Friday, March 21, 2003

WUWT, part the second:

- The outrage in some quarters that Avril Lavigne didn't know who David Bowie was or any of the '77 era punk bands or whatever. Why should she? She's not in the same tradition as those guys - she's not making any pretenses about "authenticity" besides a few pseudo-punk marketing gestures that anyone over the age of 15 should be able to spot. Besides that, the whole idea behind this canonization of 60's/70's rock is kind of ridiculous. I like a lot of that stuff, of course, but the idea that you must listen to something or be thought of as ignorant is rather stifling. Do we really want the last 50 years of music and pop culture boiled down to a must-read
(or -view, or -listen) list of 100 things? Honestly, one of the things I love most about pop culture is the fact that it's okay to like what you like without the sort of intellectual defense that you often have to mount in "serious" culture. It would be a shame if that self-seriousness found its way into pop music appreciation.

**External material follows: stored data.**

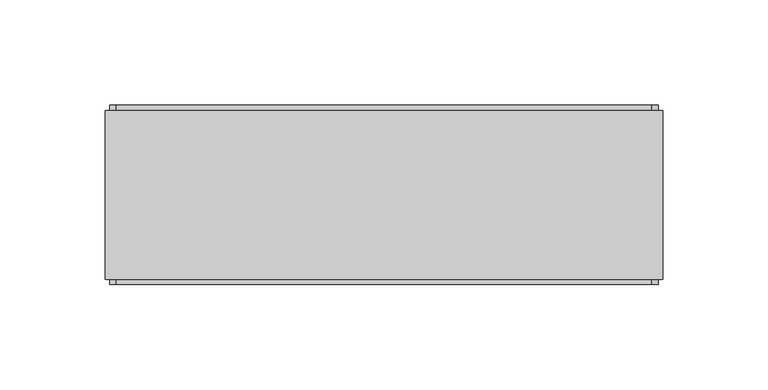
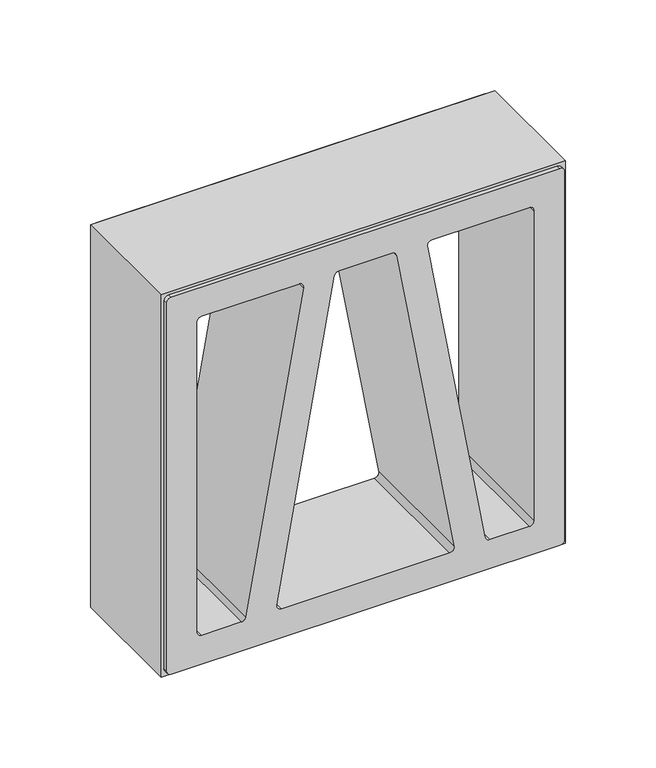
"""IFC4 building model written with IfcOpenShell, lengths in millimetres: plate geometry, PORTOBELLO - STUDIO CRAFT 3 26X26 (PAINEL CORTINA) : STUDIO CRAFT 3."""

from ifc_helpers import new_model, si_unit, point, frame, frame_2d, origin, place, context, project, spatial, polyline, circle_curve, trimmed, segment, composite_curve, outline, extrude, source, transform, mapped, element, save


def plate_dd80494e(model_context):
    return source(origin(), model_context, "Body", "SweptSolid", [
        extrude(outline(composite_curve([segment(polyline([(259.0, -130.0), (5.0, -130.0)]), True, "CONTINUOUS"), segment(trimmed(circle_curve(frame_2d((5.0, -127.0)), 3.0), [point((5.0, -130.0))], [point((2.0, -127.0))], False, "CARTESIAN"), True, "CONTINUOUS"), segment(polyline([(2.0, -127.0), (2.0, 127.0)]), True, "CONTINUOUS"), segment(trimmed(circle_curve(frame_2d((5.0, 127.0)), 3.0), [point((2.0, 127.0))], [point((5.0, 130.0))], False, "CARTESIAN"), True, "CONTINUOUS"), segment(polyline([(5.0, 130.0), (259.0, 130.0)]), True, "CONTINUOUS"), segment(trimmed(circle_curve(frame_2d((259.0, 127.0)), 3.0), [point((259.0, 130.0))], [point((262.0, 127.0))], False, "CARTESIAN"), True, "CONTINUOUS"), segment(polyline([(262.0, 127.0), (262.0, -127.0)]), True, "CONTINUOUS"), segment(trimmed(circle_curve(frame_2d((259.0, -127.0)), 3.0), [point((262.0, -127.0))], [point((259.0, -130.0))], False, "CARTESIAN"), True, "CONTINUOUS")], self_intersect=False), holes=[composite_curve([segment(polyline([(22.0, -81.3092346), (22.0, -107.0)]), True, "CONTINUOUS"), segment(trimmed(circle_curve(frame_2d((25.0, -107.0)), 3.0), [point((22.0, -107.0))], [point((25.0, -110.0))], True, "CARTESIAN"), True, "CONTINUOUS"), segment(polyline([(25.0, -110.0), (239.0, -110.0)]), True, "CONTINUOUS"), segment(trimmed(circle_curve(frame_2d((239.0, -107.0)), 3.0), [point((239.0, -110.0))], [point((242.0, -107.0))], True, "CARTESIAN"), True, "CONTINUOUS"), segment(polyline([(242.0, -107.0), (242.0, -43.5752608)]), True, "CONTINUOUS"), segment(trimmed(circle_curve(frame_2d((239.0, -43.5752608)), 3.0), [point((242.0, -43.5752608))], [point((238.4790555, -40.6208375))], True, "CARTESIAN"), True, "CONTINUOUS"), segment(polyline([(238.4790555, -40.6208375), (24.4790555, -78.3548114)]), True, "CONTINUOUS"), segment(trimmed(circle_curve(frame_2d((25.0, -81.3092346)), 3.0), [point((24.4790555, -78.3548114))], [point((22.0, -81.3092346))], True, "CARTESIAN"), True, "CONTINUOUS")], self_intersect=False), composite_curve([segment(polyline([(242.0, 43.5752608), (242.0, 107.0)]), True, "CONTINUOUS"), segment(trimmed(circle_curve(frame_2d((239.0, 107.0)), 3.0), [point((242.0, 107.0))], [point((239.0, 110.0))], True, "CARTESIAN"), True, "CONTINUOUS"), segment(polyline([(239.0, 110.0), (25.0, 110.0)]), True, "CONTINUOUS"), segment(trimmed(circle_curve(frame_2d((25.0, 107.0)), 3.0), [point((25.0, 110.0))], [point((22.0, 107.0))], True, "CARTESIAN"), True, "CONTINUOUS"), segment(polyline([(22.0, 107.0), (22.0, 81.3092346)]), True, "CONTINUOUS"), segment(trimmed(circle_curve(frame_2d((25.0, 81.3092346)), 3.0), [point((22.0, 81.3092346))], [point((24.4790555, 78.3548114))], True, "CARTESIAN"), True, "CONTINUOUS"), segment(polyline([(24.4790555, 78.3548114), (238.4790555, 40.6208375)]), True, "CONTINUOUS"), segment(trimmed(circle_curve(frame_2d((239.0, 43.5752608)), 3.0), [point((238.4790555, 40.6208375))], [point((242.0, 43.5752608))], True, "CARTESIAN"), True, "CONTINUOUS")], self_intersect=False), composite_curve([segment(trimmed(circle_curve(frame_2d((25.0, 54.9081427)), 3.0), [point((25.5209445, 57.862566))], [point((22.0, 54.9081427))], True, "CARTESIAN"), True, "CONTINUOUS"), segment(polyline([(22.0, 54.9081427), (22.0, -54.9081427)]), True, "CONTINUOUS"), segment(trimmed(circle_curve(frame_2d((25.0, -54.9081427)), 3.0), [point((22.0, -54.9081427))], [point((25.5209445, -57.862566))], True, "CARTESIAN"), True, "CONTINUOUS"), segment(polyline([(25.5209445, -57.862566), (239.5209445, -20.1285921)]), True, "CONTINUOUS"), segment(trimmed(circle_curve(frame_2d((239.0, -17.1741689)), 3.0), [point((239.5209445, -20.1285921))], [point((242.0, -17.1741689))], True, "CARTESIAN"), True, "CONTINUOUS"), segment(polyline([(242.0, -17.1741689), (242.0, 17.1741689)]), True, "CONTINUOUS"), segment(trimmed(circle_curve(frame_2d((239.0, 17.1741689)), 3.0), [point((242.0, 17.1741689))], [point((239.5209445, 20.1285921))], True, "CARTESIAN"), True, "CONTINUOUS"), segment(polyline([(239.5209445, 20.1285921), (25.5209445, 57.862566)]), True, "CONTINUOUS")], self_intersect=False)]), frame((0.0, -42.5, 0.0), z_axis=(0.0, 1.0, 0.0), x_axis=(0.0, 0.0, 1.0)), (0.0, 0.0, 1.0), 85.0),
        extrude(outline(polyline([(264.0, -132.0), (0.0, -132.0), (0.0, 132.0), (264.0, 132.0), (264.0, -132.0)]), holes=[composite_curve([segment(trimmed(circle_curve(frame_2d((5.0, -127.0)), 3.0), [point((2.0, -127.0))], [point((5.0, -130.0))], True, "CARTESIAN"), True, "CONTINUOUS"), segment(polyline([(5.0, -130.0), (259.0, -130.0)]), True, "CONTINUOUS"), segment(trimmed(circle_curve(frame_2d((259.0, -127.0)), 3.0), [point((259.0, -130.0))], [point((262.0, -127.0))], True, "CARTESIAN"), True, "CONTINUOUS"), segment(polyline([(262.0, -127.0), (262.0, 127.0)]), True, "CONTINUOUS"), segment(trimmed(circle_curve(frame_2d((259.0, 127.0)), 3.0), [point((262.0, 127.0))], [point((259.0, 130.0))], True, "CARTESIAN"), True, "CONTINUOUS"), segment(polyline([(259.0, 130.0), (5.0, 130.0)]), True, "CONTINUOUS"), segment(trimmed(circle_curve(frame_2d((5.0, 127.0)), 3.0), [point((5.0, 130.0))], [point((2.0, 127.0))], True, "CARTESIAN"), True, "CONTINUOUS"), segment(polyline([(2.0, 127.0), (2.0, -127.0)]), True, "CONTINUOUS")], self_intersect=False)]), frame((0.0, -40.0, 0.0), z_axis=(0.0, 1.0, 0.0), x_axis=(0.0, 0.0, 1.0)), (0.0, 0.0, 1.0), 80.0),
    ])


if __name__ == "__main__":
    model = new_model("IFC4")
    model_context = context("Model", 3, world=origin())
    ifc_project = project(units=[si_unit("LENGTHUNIT", "METRE", prefix="MILLI")], contexts=[model_context])
    site = spatial("IfcSite", under=ifc_project)
    building = spatial("IfcBuilding", under=site)
    placement = place(None, origin())
    plate_shape = plate_dd80494e(model_context)
    element("IfcPlate", 1, ObjectType="PORTOBELLO - STUDIO CRAFT 3 26X26 (PAINEL CORTINA) : STUDIO CRAFT 3", at=placement, inside=building, context=model_context, shape_type="MappedRepresentation", body=[
        mapped(plate_shape, transform((0.0, 0.0, 0.0), x_axis=(1.0, 0.0, 0.0), y_axis=(0.0, 1.0, 0.0), z_axis=(0.0, 0.0, 1.0))),
    ])
    save(model, "model.ifc")

- Sports figures speaking out for the war. (I'm talking about David Robinson in that last article.) I'll make you a deal, right wingers of America - shut up the pro athletes and we'll put a muzzle on entertainers speaking out about politics. No backup catchers spewing rhetoric, no Barbra Streisand. I think this is one cause we can all rally behind.

- The new early 1950's nostalgia craze sweeping the country. Blacklists. Duck and Cover. Crypto-fascist nutcases with repressed sexual hangups in charge of the nation's law enforcement. I would provide more examples, but I have to go down to the frat house and swallow a few goldfish, then watch a rigged quiz show on the DuMont.